Face à cet «âge des ténèbres» y a-t-il des pistes de solution à présenter au colloque? Pratiquement pas. Gilles Normand et Daniel Marsolais terminent leur article par l’intertitre «Que faire?», mais restent dans le vague: organiser la réflexion, se rappeler du rôle civique du journaliste... Et tous deux d’ajouter aussitôt que, hélas, les médias sont d’abord des machines à profits. Retour à la case départ.

Bernard Landry appelle à une «régulation de la liberté de presse». Isabelle Gusse et Anne Pineau proposent, plus spécifiquement, des réglementations qui obligeraient les médias à insuffler davantage d’infos d’intérêt public, ou même, limiteraient la concentration de la presse. Mais l’idée est ambitieuse, quand on se rappelle que les journalistes se braquent dès qu’il est question de réglementer leur métier - par ailleurs, si Marc-François Bernier a raison lorsqu’il voit les journalistes comme des défenseurs des intérêts de leur conglomérat, on n’est pas sorti du bois.

«S’engager comme résistant», écrit Stanley Péan. Bien. Très bien. Mais ce sont des mots creux, s’ils ne sont pas associés à une action concrète ou à un objectif précis.

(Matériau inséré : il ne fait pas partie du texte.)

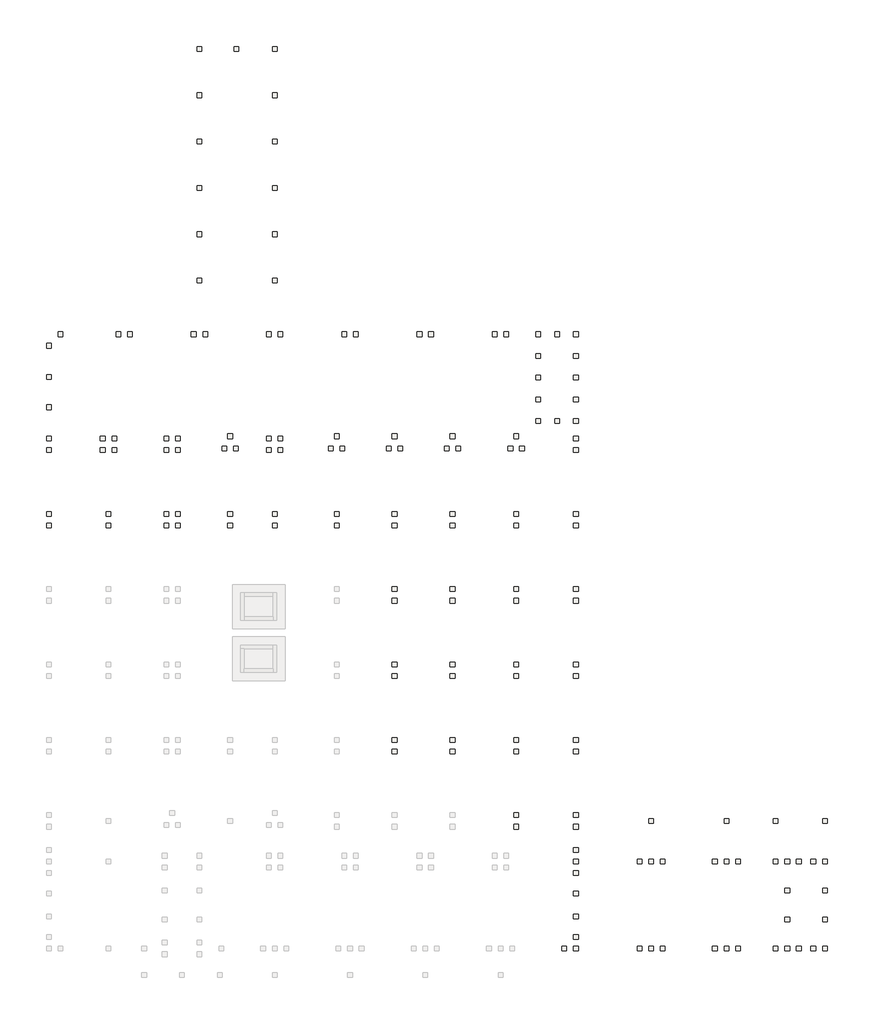
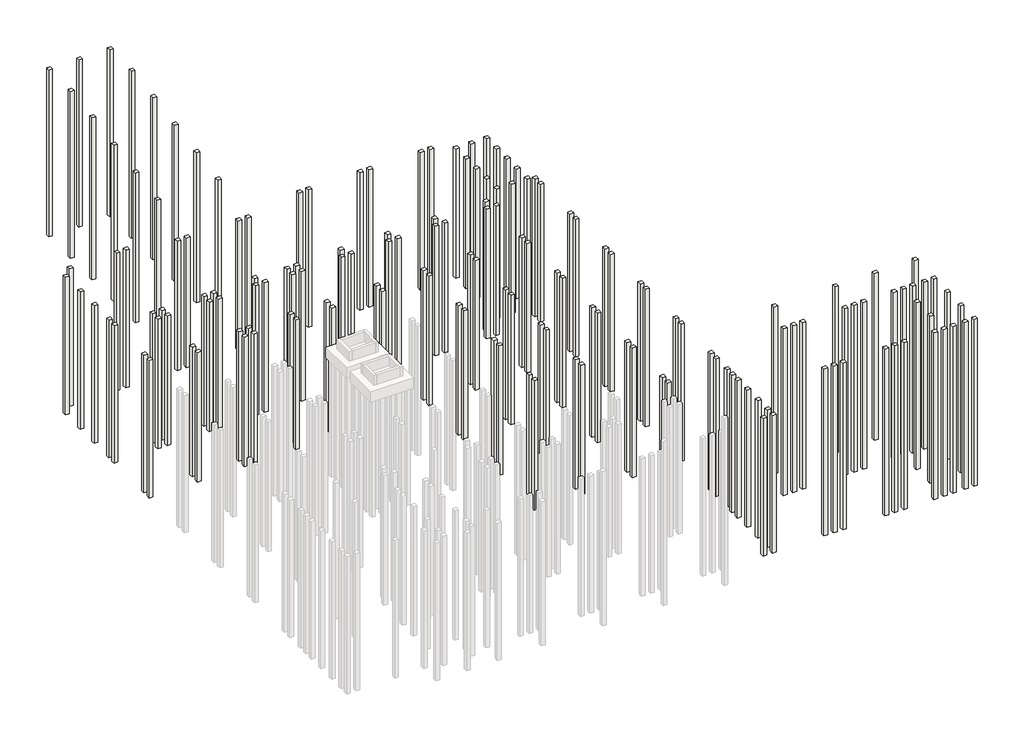
# Not in any storey, part 2 of 2: 160 slabs.
"""IFC4 building model written with IfcOpenShell, lengths in millimetres."""

import ifcopenshell
import ifcopenshell.guid

model = None  # the IFC model being written
_history = None  # IfcOwnerHistory: only IFC2X3 demands one
_inside = {}  # id of a spatial element -> (the spatial element, [elements in it])
_under = {}  # id of a project, library or spatial element -> (it, [spatial elements below it])
_declared = {}  # id of a project -> (the project, [libraries it declares])
_typed = {}  # id of a type object -> (the type object, [elements of that type])
_made_of = {}  # id of a material, layer set ... -> (it, [elements and type objects made of it])


def new_model(schema):
    """Start an empty IFC model of exactly this schema.

    Asked for "IFC4X3", IfcOpenShell would pick the latest addendum, in which some entities
    have other attributes; the version numbers below select the first issue.
    IFC2X3 requires an IfcOwnerHistory on every rooted entity: one is made here for all.
    """
    global model, _history
    if schema == "IFC4X3":
        model = ifcopenshell.file(schema_version=(4, 3, 0, 0))
    else:
        model = ifcopenshell.file(schema=schema)
    _inside.clear()
    _under.clear()
    _declared.clear()
    _typed.clear()
    _made_of.clear()
    _history = None
    if model.schema == "IFC2X3":
        org = make("IfcOrganization", Name="unknown")
        user = make(
            "IfcPersonAndOrganization",
            ThePerson=make("IfcPerson", FamilyName="unknown"),
            TheOrganization=org,
        )
        app = make(
            "IfcApplication",
            ApplicationDeveloper=org,
            Version="unknown",
            ApplicationFullName="unknown",
            ApplicationIdentifier="unknown",
        )
        _history = make(
            "IfcOwnerHistory",
            OwningUser=user,
            OwningApplication=app,
            ChangeAction="ADDED",
            CreationDate=0,
        )
    return model


def make(cls, **values):
    """One entity of the class cls with the attributes given. An attribute that is None is left unset."""
    return model.create_entity(
        cls, **{name: value for name, value in values.items() if value is not None}
    )


def rooted(cls, **values):
    """An entity with a GlobalId (a new one), such as an element, a storey or a relation."""
    return make(cls, GlobalId=ifcopenshell.guid.new(), OwnerHistory=_history, **values)


def si_unit(unit_type, name, prefix=None):
    """IfcSIUnit, for example si_unit("LENGTHUNIT", "METRE", prefix="MILLI")."""
    return make("IfcSIUnit", UnitType=unit_type, Prefix=prefix, Name=name)


def assignment(units):
    """IfcUnitAssignment: the units of a project."""
    return None if units is None else make("IfcUnitAssignment", Units=units)


def point(xyz):
    """IfcCartesianPoint."""
    return None if xyz is None else make("IfcCartesianPoint", Coordinates=xyz)


def direction(xyz):
    """IfcDirection."""
    return None if xyz is None else make("IfcDirection", DirectionRatios=xyz)


def frame(location, z_axis=None, x_axis=None):
    """IfcAxis2Placement3D, a coordinate frame: its origin and axes. An axis left out is left unset."""
    return make(
        "IfcAxis2Placement3D",
        Location=point(location),
        Axis=direction(z_axis),
        RefDirection=direction(x_axis),
    )


def origin():
    """The frame at (0, 0, 0) with its axes left unset."""
    return frame((0.0, 0.0, 0.0))


def place(relative_to, where):
    """IfcLocalPlacement: puts the frame where relative to a parent placement (None: the world)."""
    return make(
        "IfcLocalPlacement", PlacementRelTo=relative_to, RelativePlacement=where
    )


def context(
    kind, dimensions, precision=None, world=None, true_north=None, identifier=None
):
    """IfcGeometricRepresentationContext, for example the 3D "Model" context."""
    return make(
        "IfcGeometricRepresentationContext",
        ContextIdentifier=identifier,
        ContextType=kind,
        CoordinateSpaceDimension=dimensions,
        Precision=precision,
        WorldCoordinateSystem=world,
        TrueNorth=true_north,
    )


def project(units=None, contexts=None):
    """IfcProject with its units and contexts."""
    return rooted(
        "IfcProject",
        Name="project",
        RepresentationContexts=contexts,
        UnitsInContext=assignment(units),
    )


def spatial(cls, under=None, at=None, **own):
    """A site, building, storey or space (cls), placed at a placement, below another one or the project."""
    s = rooted(cls, ObjectPlacement=at, **own)
    if under is not None:
        _under.setdefault(under.id(), (under, []))[1].append(s)
    return s


def polyline(points):
    """IfcPolyline through the points."""
    return make("IfcPolyline", Points=[point(p) for p in points])


def outline(outer, holes=None, kind="AREA"):
    """IfcArbitraryClosedProfileDef: a profile drawn as a closed curve; with holes, ...WithVoids."""
    if holes is None:
        return make("IfcArbitraryClosedProfileDef", ProfileType=kind, OuterCurve=outer)
    return make(
        "IfcArbitraryProfileDefWithVoids",
        ProfileType=kind,
        OuterCurve=outer,
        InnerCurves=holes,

Quant à moi, j’écrivais, et j’y crois plus que jamais, que pour éviter ces impasses, il y a une voie sur laquelle un consensus serait facile à obtenir, où le poids d’un syndicat, avec un lobbying efficace, aurait un impact plus rapide: l’amélioration des conditions de travail des plus précaires d’entre nous.

C’est une réflexion qui a été menée en coulisses depuis près de deux décennies, notamment à l’AJIQ. Une énorme brique, le Rapport Bernier, qui s’empoussière depuis cinq ans, contient toutes les recommandations nécessaires à un virage radical dans notre façon de traiter le travail autonome, cette frange imposante de notre société, dont l’évolution a un impact indéniable sur la qualité de l’information.

S’engager sérieusement sur cette voie - en faire une priorité, avec ce que cela implique -, serait pour ces syndicats si souvent décriés par les jeunes et les «précaires», la meilleure façon - à mon avis la seule façon - de «promouvoir les solidarités à l’intérieur du secteur des médias» qu’espère François Demers. Et, en travaillant à garder dans le métier des jeunes bourrés de talent, on contribuerait à l’émergence d’une future génération de ces «champions de la réflexion, du rejet de l’arbitraire et de l’absolu» qu’appelle de tous ses voeux Stanley Péan.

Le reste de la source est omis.